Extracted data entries
*** Block opens ***

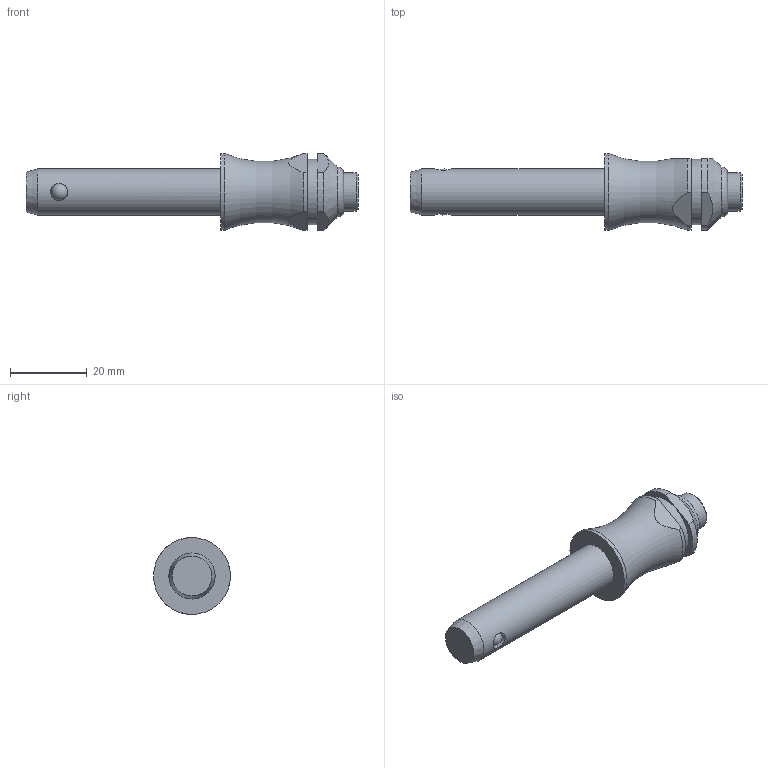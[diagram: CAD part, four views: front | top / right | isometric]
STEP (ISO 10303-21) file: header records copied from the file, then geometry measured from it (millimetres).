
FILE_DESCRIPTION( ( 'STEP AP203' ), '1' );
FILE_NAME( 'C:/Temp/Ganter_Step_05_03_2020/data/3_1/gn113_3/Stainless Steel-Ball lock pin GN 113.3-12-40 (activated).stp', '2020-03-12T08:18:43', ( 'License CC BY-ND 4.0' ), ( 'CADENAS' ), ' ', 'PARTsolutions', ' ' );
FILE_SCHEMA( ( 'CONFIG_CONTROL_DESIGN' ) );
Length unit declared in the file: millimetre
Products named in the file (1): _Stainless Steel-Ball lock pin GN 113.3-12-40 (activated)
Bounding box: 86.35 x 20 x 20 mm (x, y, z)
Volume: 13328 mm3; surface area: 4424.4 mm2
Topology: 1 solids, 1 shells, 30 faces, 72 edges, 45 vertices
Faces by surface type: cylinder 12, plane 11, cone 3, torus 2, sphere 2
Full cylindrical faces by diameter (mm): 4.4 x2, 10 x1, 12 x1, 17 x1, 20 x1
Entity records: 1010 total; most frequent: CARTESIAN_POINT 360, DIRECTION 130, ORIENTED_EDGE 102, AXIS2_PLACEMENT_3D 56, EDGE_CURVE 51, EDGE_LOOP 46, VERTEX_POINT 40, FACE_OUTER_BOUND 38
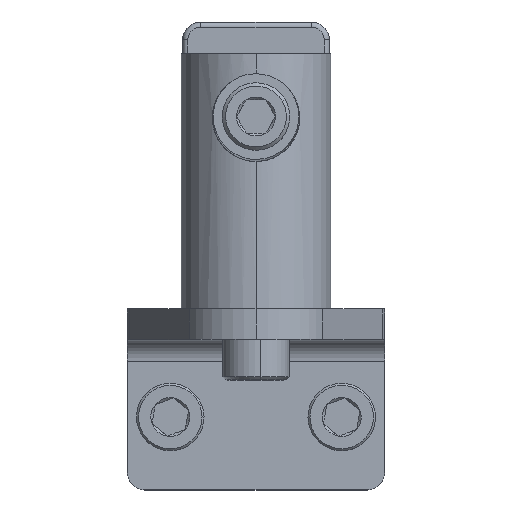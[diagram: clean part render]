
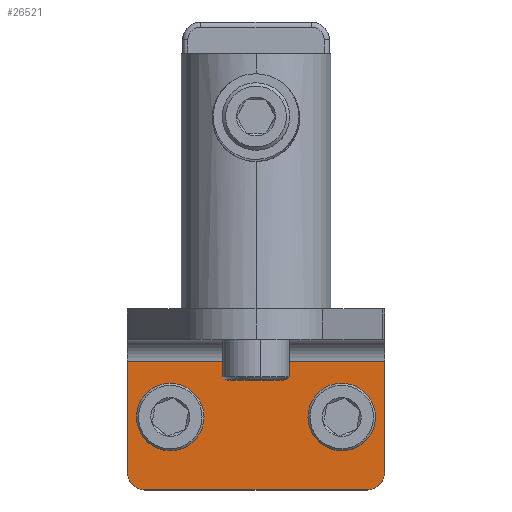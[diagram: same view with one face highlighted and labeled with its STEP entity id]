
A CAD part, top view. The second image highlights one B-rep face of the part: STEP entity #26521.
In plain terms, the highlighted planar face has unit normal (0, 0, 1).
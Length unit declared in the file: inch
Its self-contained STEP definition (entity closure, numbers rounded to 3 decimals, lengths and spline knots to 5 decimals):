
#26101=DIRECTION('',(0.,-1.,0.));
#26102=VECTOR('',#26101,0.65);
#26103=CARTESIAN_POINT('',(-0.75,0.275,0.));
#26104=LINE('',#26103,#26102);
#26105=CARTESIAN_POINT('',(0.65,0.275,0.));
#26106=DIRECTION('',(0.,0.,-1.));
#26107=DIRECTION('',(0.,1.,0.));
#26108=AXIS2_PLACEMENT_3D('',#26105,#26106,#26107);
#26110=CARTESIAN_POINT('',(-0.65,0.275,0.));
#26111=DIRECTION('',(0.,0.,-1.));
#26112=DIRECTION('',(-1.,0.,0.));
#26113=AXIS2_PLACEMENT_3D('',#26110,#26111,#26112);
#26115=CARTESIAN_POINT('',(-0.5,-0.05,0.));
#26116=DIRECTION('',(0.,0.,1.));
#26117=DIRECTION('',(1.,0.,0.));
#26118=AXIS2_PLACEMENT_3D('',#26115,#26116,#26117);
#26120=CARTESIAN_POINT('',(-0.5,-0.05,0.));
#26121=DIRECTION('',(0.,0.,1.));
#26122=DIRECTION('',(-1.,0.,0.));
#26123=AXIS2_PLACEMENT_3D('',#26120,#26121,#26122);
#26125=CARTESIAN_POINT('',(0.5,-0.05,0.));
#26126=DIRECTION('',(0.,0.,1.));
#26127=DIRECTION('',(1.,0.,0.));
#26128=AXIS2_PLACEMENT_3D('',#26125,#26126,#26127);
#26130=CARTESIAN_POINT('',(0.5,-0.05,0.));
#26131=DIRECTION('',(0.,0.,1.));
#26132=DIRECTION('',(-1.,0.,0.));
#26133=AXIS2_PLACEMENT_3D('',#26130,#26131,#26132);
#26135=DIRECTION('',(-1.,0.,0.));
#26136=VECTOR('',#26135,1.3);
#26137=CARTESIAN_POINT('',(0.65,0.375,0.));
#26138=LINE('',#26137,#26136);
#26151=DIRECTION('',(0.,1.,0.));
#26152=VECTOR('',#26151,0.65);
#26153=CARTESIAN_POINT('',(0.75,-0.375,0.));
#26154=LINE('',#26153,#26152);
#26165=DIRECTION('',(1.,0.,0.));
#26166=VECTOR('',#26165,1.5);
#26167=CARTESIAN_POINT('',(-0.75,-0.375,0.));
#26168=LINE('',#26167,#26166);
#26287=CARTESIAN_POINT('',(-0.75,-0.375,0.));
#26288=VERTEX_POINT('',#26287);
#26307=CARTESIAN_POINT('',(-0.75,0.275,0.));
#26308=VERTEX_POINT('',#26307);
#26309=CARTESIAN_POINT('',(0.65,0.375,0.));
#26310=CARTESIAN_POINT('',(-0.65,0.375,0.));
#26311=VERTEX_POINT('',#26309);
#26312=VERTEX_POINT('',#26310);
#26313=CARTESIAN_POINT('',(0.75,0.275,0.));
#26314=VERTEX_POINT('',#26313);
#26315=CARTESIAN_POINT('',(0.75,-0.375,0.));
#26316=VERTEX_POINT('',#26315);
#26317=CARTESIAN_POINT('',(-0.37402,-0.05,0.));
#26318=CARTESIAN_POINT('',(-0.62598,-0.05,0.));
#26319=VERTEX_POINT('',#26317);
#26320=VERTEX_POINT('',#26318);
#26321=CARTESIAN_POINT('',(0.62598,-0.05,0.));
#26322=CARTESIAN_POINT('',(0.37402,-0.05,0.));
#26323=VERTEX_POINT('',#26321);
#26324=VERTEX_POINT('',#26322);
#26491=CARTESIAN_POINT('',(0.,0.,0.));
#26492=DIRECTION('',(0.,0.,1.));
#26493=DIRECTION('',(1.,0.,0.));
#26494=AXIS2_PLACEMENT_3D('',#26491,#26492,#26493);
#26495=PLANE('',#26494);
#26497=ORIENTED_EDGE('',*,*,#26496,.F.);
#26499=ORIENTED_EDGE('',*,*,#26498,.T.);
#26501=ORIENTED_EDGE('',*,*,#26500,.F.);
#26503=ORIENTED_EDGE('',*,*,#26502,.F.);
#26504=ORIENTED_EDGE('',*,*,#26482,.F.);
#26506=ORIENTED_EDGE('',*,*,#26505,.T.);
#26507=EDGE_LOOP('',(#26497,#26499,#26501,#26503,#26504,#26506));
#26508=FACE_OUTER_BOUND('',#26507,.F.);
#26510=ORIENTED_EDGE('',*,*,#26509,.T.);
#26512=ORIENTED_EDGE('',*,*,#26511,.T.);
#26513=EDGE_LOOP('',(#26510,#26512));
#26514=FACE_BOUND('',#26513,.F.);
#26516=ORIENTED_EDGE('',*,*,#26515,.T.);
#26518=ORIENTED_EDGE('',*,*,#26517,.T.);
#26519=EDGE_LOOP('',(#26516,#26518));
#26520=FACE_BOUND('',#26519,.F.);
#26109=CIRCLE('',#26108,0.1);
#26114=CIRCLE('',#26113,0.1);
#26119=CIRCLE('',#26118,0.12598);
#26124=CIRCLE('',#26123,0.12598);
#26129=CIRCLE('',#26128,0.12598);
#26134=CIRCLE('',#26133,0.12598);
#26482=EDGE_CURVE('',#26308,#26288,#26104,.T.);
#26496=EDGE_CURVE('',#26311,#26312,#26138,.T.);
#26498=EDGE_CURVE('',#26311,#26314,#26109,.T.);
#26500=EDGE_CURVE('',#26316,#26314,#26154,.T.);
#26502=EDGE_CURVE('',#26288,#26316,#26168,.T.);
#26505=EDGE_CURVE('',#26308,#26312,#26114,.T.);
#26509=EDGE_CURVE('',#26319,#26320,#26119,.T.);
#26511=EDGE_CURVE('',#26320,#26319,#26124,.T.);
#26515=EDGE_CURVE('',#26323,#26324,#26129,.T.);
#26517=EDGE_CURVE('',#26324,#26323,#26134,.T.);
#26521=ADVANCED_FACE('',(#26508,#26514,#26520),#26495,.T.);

*** Block closes ***

Task goal >> Copy out each record shown above without alteration, skipping any picture.

Response area >>
[diagram: CAD part, four views: front | top / right | isometric]
STEP (ISO 10303-21) file: header records copied from the file, then geometry measured from it (millimetres).
FILE_DESCRIPTION( ( 'STEP AP203' ), '1' );
FILE_NAME( 'C:/Temp/Ganter_Step_05_03_2020/data/3_1/gn113_3/Stainless Steel-Ball lock pin GN 113.3-12-40 (activated).stp', '2020-03-12T08:18:43', ( 'License CC BY-ND 4.0' ), ( 'CADENAS' ), ' ', 'PARTsolutions', ' ' );
FILE_SCHEMA( ( 'CONFIG_CONTROL_DESIGN' ) );
Length unit declared in the file: millimetre
Products named in the file (1): _Stainless Steel-Ball lock pin GN 113.3-12-40 (activated)
Bounding box: 86.35 x 20 x 20 mm (x, y, z)
Volume: 13328 mm3; surface area: 4424.4 mm2
Topology: 1 solids, 1 shells, 30 faces, 72 edges, 45 vertices
Faces by surface type: cylinder 12, plane 11, cone 3, torus 2, sphere 2
Full cylindrical faces by diameter (mm): 4.4 x2, 10 x1, 12 x1, 17 x1, 20 x1
Entity records: 1010 total; most frequent: CARTESIAN_POINT 360, DIRECTION 130, ORIENTED_EDGE 102, AXIS2_PLACEMENT_3D 56, EDGE_CURVE 51, EDGE_LOOP 46, VERTEX_POINT 40, FACE_OUTER_BOUND 38
[diagram: clean part render]
[diagram: same view with one face highlighted and labeled with its STEP entity id]
A CAD part, top view. The second image highlights one B-rep face of the part: STEP entity #26521.
In plain terms, the highlighted planar face has unit normal (0, 0, 1).
Length unit declared in the file: inch
Its self-contained STEP definition (entity closure, numbers rounded to 3 decimals, lengths and spline knots to 5 decimals):
#26101=DIRECTION('',(0.,-1.,0.));
#26102=VECTOR('',#26101,0.65);
#26103=CARTESIAN_POINT('',(-0.75,0.275,0.));
#26104=LINE('',#26103,#26102);
#26105=CARTESIAN_POINT('',(0.65,0.275,0.));
#26106=DIRECTION('',(0.,0.,-1.));
#26107=DIRECTION('',(0.,1.,0.));
#26108=AXIS2_PLACEMENT_3D('',#26105,#26106,#26107);
#26110=CARTESIAN_POINT('',(-0.65,0.275,0.));
#26111=DIRECTION('',(0.,0.,-1.));
#26112=DIRECTION('',(-1.,0.,0.));
#26113=AXIS2_PLACEMENT_3D('',#26110,#26111,#26112);
#26115=CARTESIAN_POINT('',(-0.5,-0.05,0.));
#26116=DIRECTION('',(0.,0.,1.));
#26117=DIRECTION('',(1.,0.,0.));
#26118=AXIS2_PLACEMENT_3D('',#26115,#26116,#26117);
#26120=CARTESIAN_POINT('',(-0.5,-0.05,0.));
#26121=DIRECTION('',(0.,0.,1.));
#26122=DIRECTION('',(-1.,0.,0.));
#26123=AXIS2_PLACEMENT_3D('',#26120,#26121,#26122);
#26125=CARTESIAN_POINT('',(0.5,-0.05,0.));
#26126=DIRECTION('',(0.,0.,1.));
#26127=DIRECTION('',(1.,0.,0.));
#26128=AXIS2_PLACEMENT_3D('',#26125,#26126,#26127);
#26130=CARTESIAN_POINT('',(0.5,-0.05,0.));
#26131=DIRECTION('',(0.,0.,1.));
#26132=DIRECTION('',(-1.,0.,0.));
#26133=AXIS2_PLACEMENT_3D('',#26130,#26131,#26132);
#26135=DIRECTION('',(-1.,0.,0.));
#26136=VECTOR('',#26135,1.3);
#26137=CARTESIAN_POINT('',(0.65,0.375,0.));
#26138=LINE('',#26137,#26136);
#26151=DIRECTION('',(0.,1.,0.));
#26152=VECTOR('',#26151,0.65);
#26153=CARTESIAN_POINT('',(0.75,-0.375,0.));
#26154=LINE('',#26153,#26152);
#26165=DIRECTION('',(1.,0.,0.));
#26166=VECTOR('',#26165,1.5);
#26167=CARTESIAN_POINT('',(-0.75,-0.375,0.));
#26168=LINE('',#26167,#26166);
#26287=CARTESIAN_POINT('',(-0.75,-0.375,0.));
#26288=VERTEX_POINT('',#26287);
#26307=CARTESIAN_POINT('',(-0.75,0.275,0.));
#26308=VERTEX_POINT('',#26307);
#26309=CARTESIAN_POINT('',(0.65,0.375,0.));
#26310=CARTESIAN_POINT('',(-0.65,0.375,0.));
#26311=VERTEX_POINT('',#26309);
#26312=VERTEX_POINT('',#26310);
#26313=CARTESIAN_POINT('',(0.75,0.275,0.));
#26314=VERTEX_POINT('',#26313);
#26315=CARTESIAN_POINT('',(0.75,-0.375,0.));
#26316=VERTEX_POINT('',#26315);
#26317=CARTESIAN_POINT('',(-0.37402,-0.05,0.));
#26318=CARTESIAN_POINT('',(-0.62598,-0.05,0.));
#26319=VERTEX_POINT('',#26317);
#26320=VERTEX_POINT('',#26318);
#26321=CARTESIAN_POINT('',(0.62598,-0.05,0.));
#26322=CARTESIAN_POINT('',(0.37402,-0.05,0.));
#26323=VERTEX_POINT('',#26321);
#26324=VERTEX_POINT('',#26322);
#26491=CARTESIAN_POINT('',(0.,0.,0.));
#26492=DIRECTION('',(0.,0.,1.));
#26493=DIRECTION('',(1.,0.,0.));
#26494=AXIS2_PLACEMENT_3D('',#26491,#26492,#26493);
#26495=PLANE('',#26494);
#26497=ORIENTED_EDGE('',*,*,#26496,.F.);
#26499=ORIENTED_EDGE('',*,*,#26498,.T.);
#26501=ORIENTED_EDGE('',*,*,#26500,.F.);
#26503=ORIENTED_EDGE('',*,*,#26502,.F.);
#26504=ORIENTED_EDGE('',*,*,#26482,.F.);
#26506=ORIENTED_EDGE('',*,*,#26505,.T.);
#26507=EDGE_LOOP('',(#26497,#26499,#26501,#26503,#26504,#26506));
#26508=FACE_OUTER_BOUND('',#26507,.F.);
#26510=ORIENTED_EDGE('',*,*,#26509,.T.);
#26512=ORIENTED_EDGE('',*,*,#26511,.T.);
#26513=EDGE_LOOP('',(#26510,#26512));
#26514=FACE_BOUND('',#26513,.F.);
#26516=ORIENTED_EDGE('',*,*,#26515,.T.);
#26518=ORIENTED_EDGE('',*,*,#26517,.T.);
#26519=EDGE_LOOP('',(#26516,#26518));
#26520=FACE_BOUND('',#26519,.F.);
#26109=CIRCLE('',#26108,0.1);
#26114=CIRCLE('',#26113,0.1);
#26119=CIRCLE('',#26118,0.12598);
#26124=CIRCLE('',#26123,0.12598);
#26129=CIRCLE('',#26128,0.12598);
#26134=CIRCLE('',#26133,0.12598);
#26482=EDGE_CURVE('',#26308,#26288,#26104,.T.);
#26496=EDGE_CURVE('',#26311,#26312,#26138,.T.);
#26498=EDGE_CURVE('',#26311,#26314,#26109,.T.);
#26500=EDGE_CURVE('',#26316,#26314,#26154,.T.);
#26502=EDGE_CURVE('',#26288,#26316,#26168,.T.);
#26505=EDGE_CURVE('',#26308,#26312,#26114,.T.);
#26509=EDGE_CURVE('',#26319,#26320,#26119,.T.);
#26511=EDGE_CURVE('',#26320,#26319,#26124,.T.);
#26515=EDGE_CURVE('',#26323,#26324,#26129,.T.);
#26517=EDGE_CURVE('',#26324,#26323,#26134,.T.);
#26521=ADVANCED_FACE('',(#26508,#26514,#26520),#26495,.T.);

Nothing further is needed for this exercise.